About this exercise: Repeat every line of the data exactly; the pictures stay out.

(Dataset items)
::::::
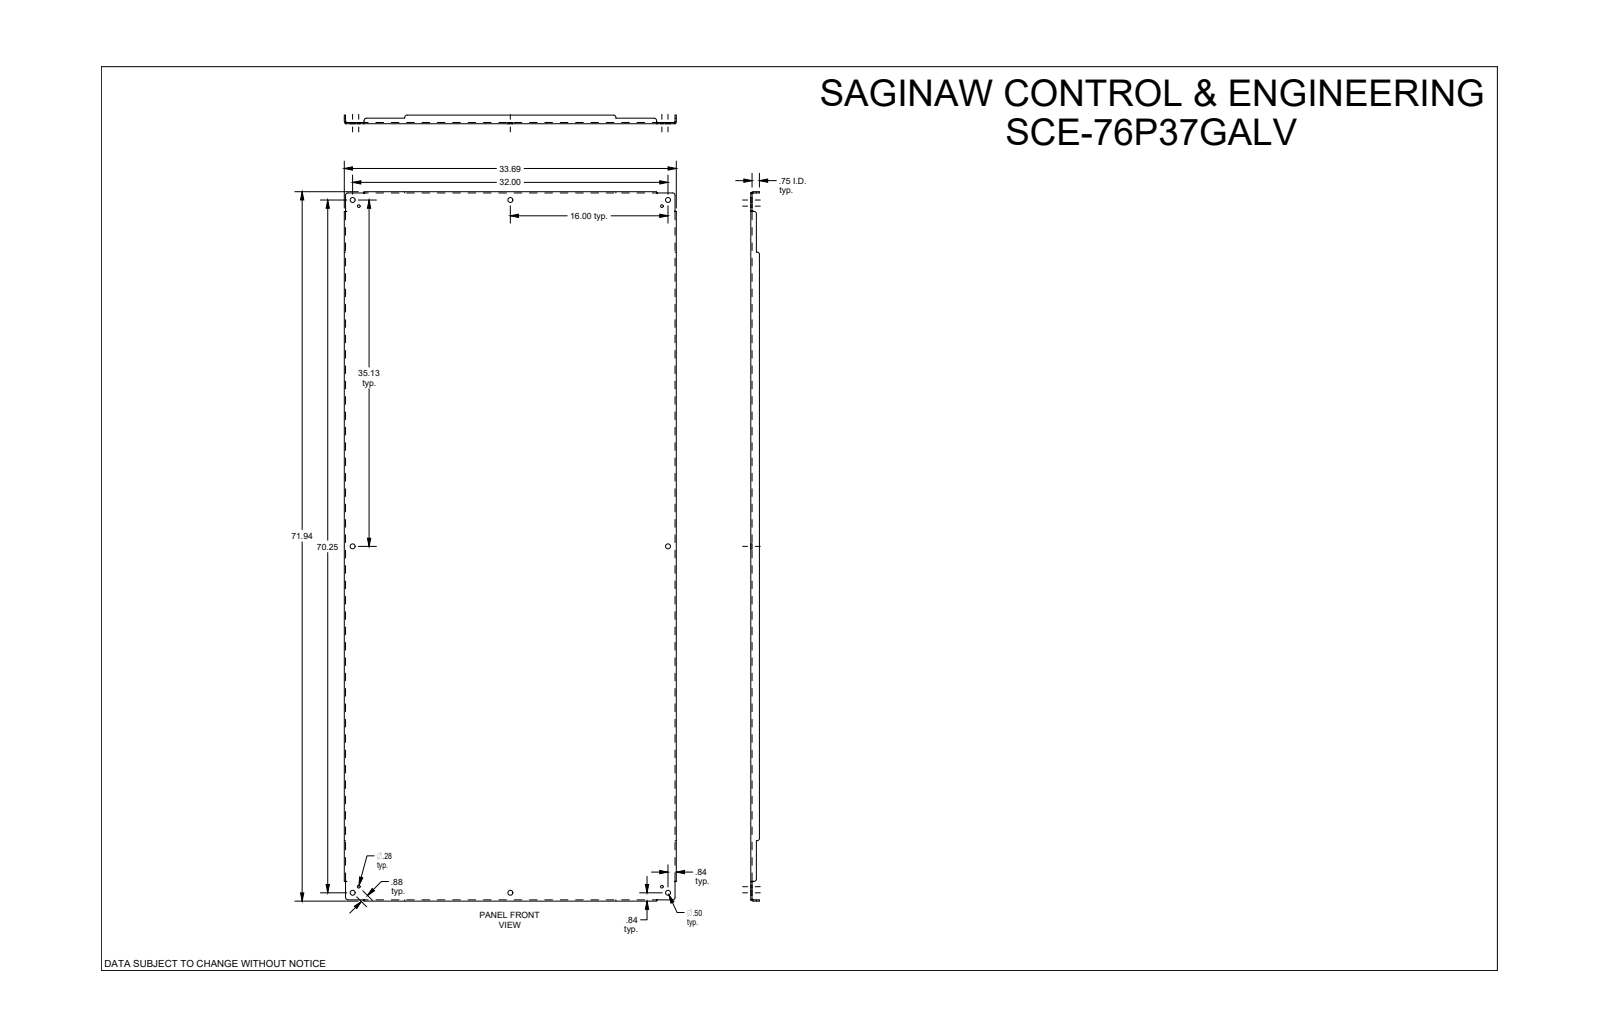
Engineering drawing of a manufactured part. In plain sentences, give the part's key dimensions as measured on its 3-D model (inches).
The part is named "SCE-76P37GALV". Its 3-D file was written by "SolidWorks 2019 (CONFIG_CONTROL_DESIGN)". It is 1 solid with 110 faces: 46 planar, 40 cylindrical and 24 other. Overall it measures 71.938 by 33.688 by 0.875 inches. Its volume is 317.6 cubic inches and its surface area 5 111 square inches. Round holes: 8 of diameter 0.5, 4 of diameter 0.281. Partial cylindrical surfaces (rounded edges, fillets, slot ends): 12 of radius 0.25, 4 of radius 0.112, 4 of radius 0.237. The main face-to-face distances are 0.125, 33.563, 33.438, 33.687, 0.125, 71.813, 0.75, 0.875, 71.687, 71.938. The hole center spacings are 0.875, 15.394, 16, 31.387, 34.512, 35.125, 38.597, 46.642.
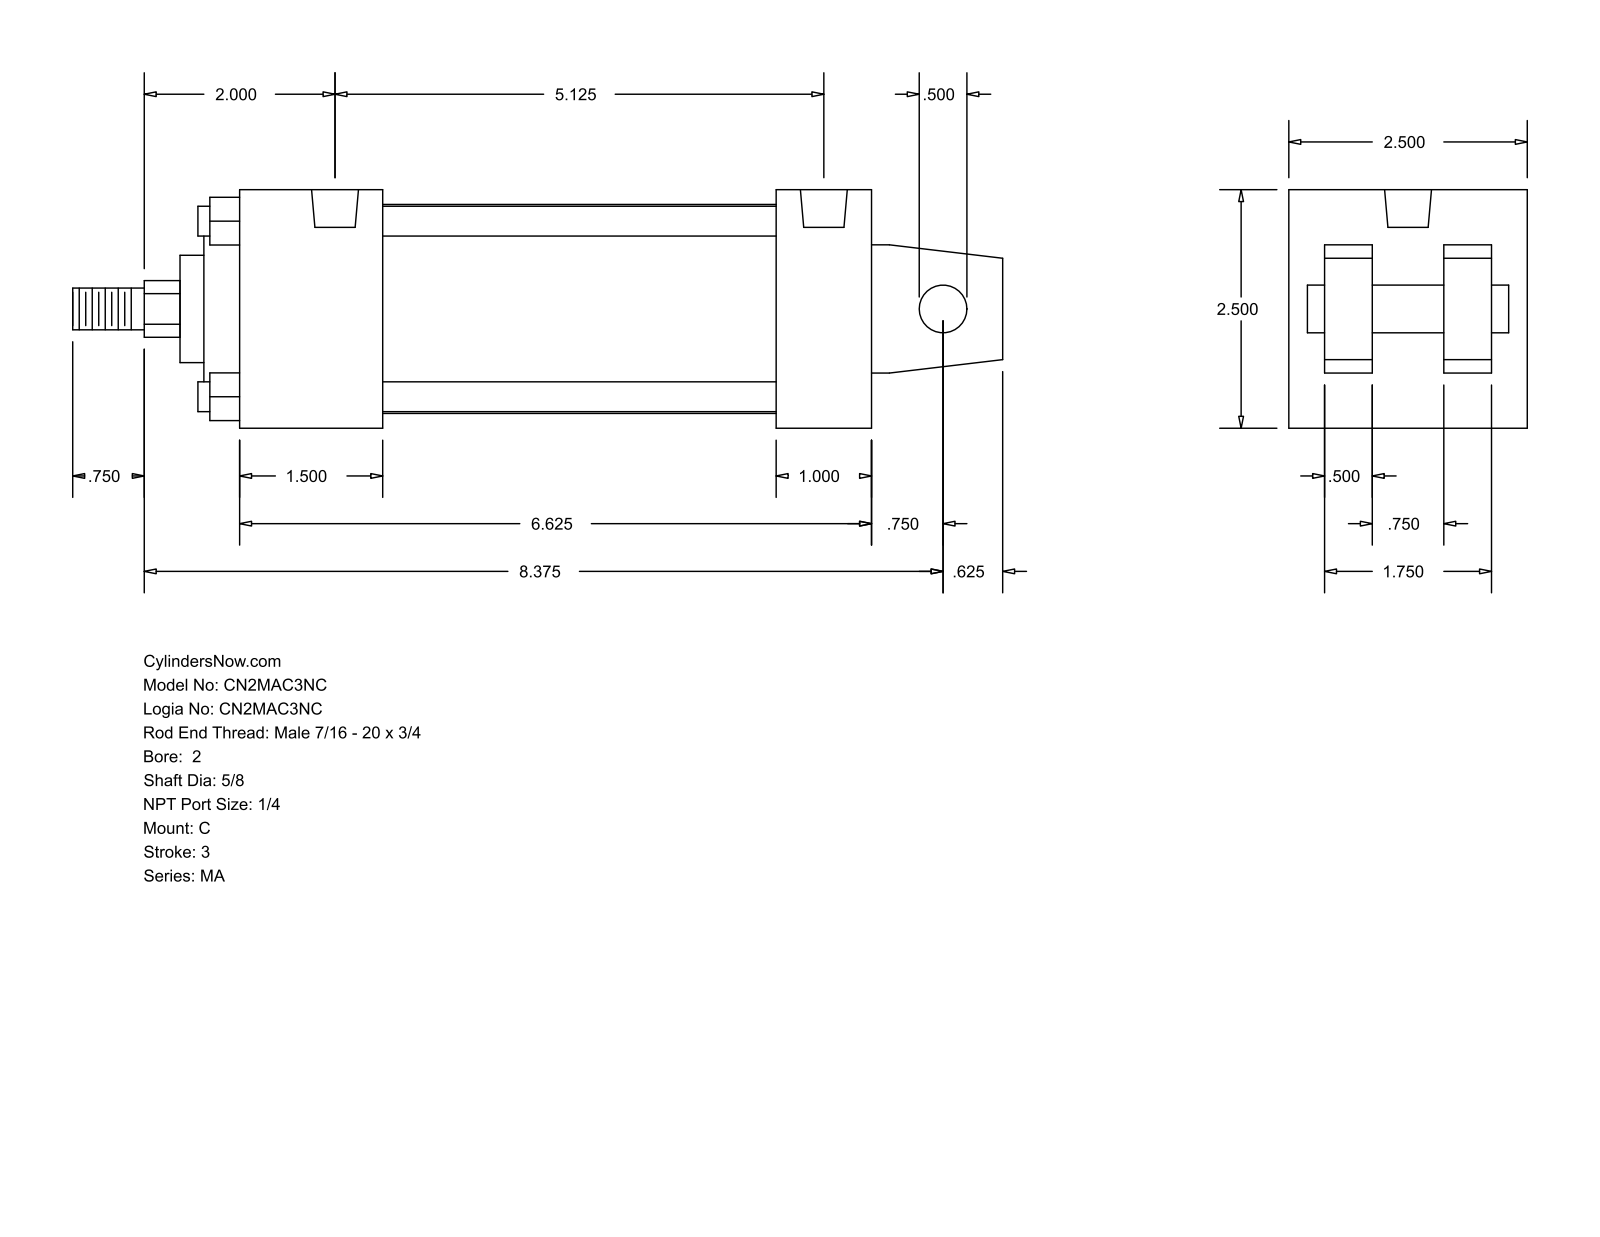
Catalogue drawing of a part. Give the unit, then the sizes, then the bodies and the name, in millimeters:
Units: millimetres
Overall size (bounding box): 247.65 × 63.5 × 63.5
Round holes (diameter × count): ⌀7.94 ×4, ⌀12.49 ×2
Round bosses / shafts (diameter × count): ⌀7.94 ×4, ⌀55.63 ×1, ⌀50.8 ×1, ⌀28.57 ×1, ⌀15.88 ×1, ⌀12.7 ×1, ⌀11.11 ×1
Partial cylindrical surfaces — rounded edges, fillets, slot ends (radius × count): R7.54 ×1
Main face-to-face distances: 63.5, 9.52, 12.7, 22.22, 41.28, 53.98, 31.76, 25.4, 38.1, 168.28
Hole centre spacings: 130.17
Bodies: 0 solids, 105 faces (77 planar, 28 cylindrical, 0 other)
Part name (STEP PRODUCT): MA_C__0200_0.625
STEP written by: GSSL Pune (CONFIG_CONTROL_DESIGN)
::::::
Exercise output:
Engineering drawing of a manufactured part. In plain sentences, give the part's key dimensions as measured on its 3-D model (inches).
The part is named "SCE-76P37GALV". Its 3-D file was written by "SolidWorks 2019 (CONFIG_CONTROL_DESIGN)". It is 1 solid with 110 faces: 46 planar, 40 cylindrical and 24 other. Overall it measures 71.938 by 33.688 by 0.875 inches. Its volume is 317.6 cubic inches and its surface area 5 111 square inches. Round holes: 8 of diameter 0.5, 4 of diameter 0.281. Partial cylindrical surfaces (rounded edges, fillets, slot ends): 12 of radius 0.25, 4 of radius 0.112, 4 of radius 0.237. The main face-to-face distances are 0.125, 33.563, 33.438, 33.687, 0.125, 71.813, 0.75, 0.875, 71.687, 71.938. The hole center spacings are 0.875, 15.394, 16, 31.387, 34.512, 35.125, 38.597, 46.642.
Catalogue drawing of a part. Give the unit, then the sizes, then the bodies and the name, in millimeters:
Units: millimetres
Overall size (bounding box): 247.65 × 63.5 × 63.5
Round holes (diameter × count): ⌀7.94 ×4, ⌀12.49 ×2
Round bosses / shafts (diameter × count): ⌀7.94 ×4, ⌀55.63 ×1, ⌀50.8 ×1, ⌀28.57 ×1, ⌀15.88 ×1, ⌀12.7 ×1, ⌀11.11 ×1
Partial cylindrical surfaces — rounded edges, fillets, slot ends (radius × count): R7.54 ×1
Main face-to-face distances: 63.5, 9.52, 12.7, 22.22, 41.28, 53.98, 31.76, 25.4, 38.1, 168.28
Hole centre spacings: 130.17
Bodies: 0 solids, 105 faces (77 planar, 28 cylindrical, 0 other)
Part name (STEP PRODUCT): MA_C__0200_0.625
STEP written by: GSSL Pune (CONFIG_CONTROL_DESIGN)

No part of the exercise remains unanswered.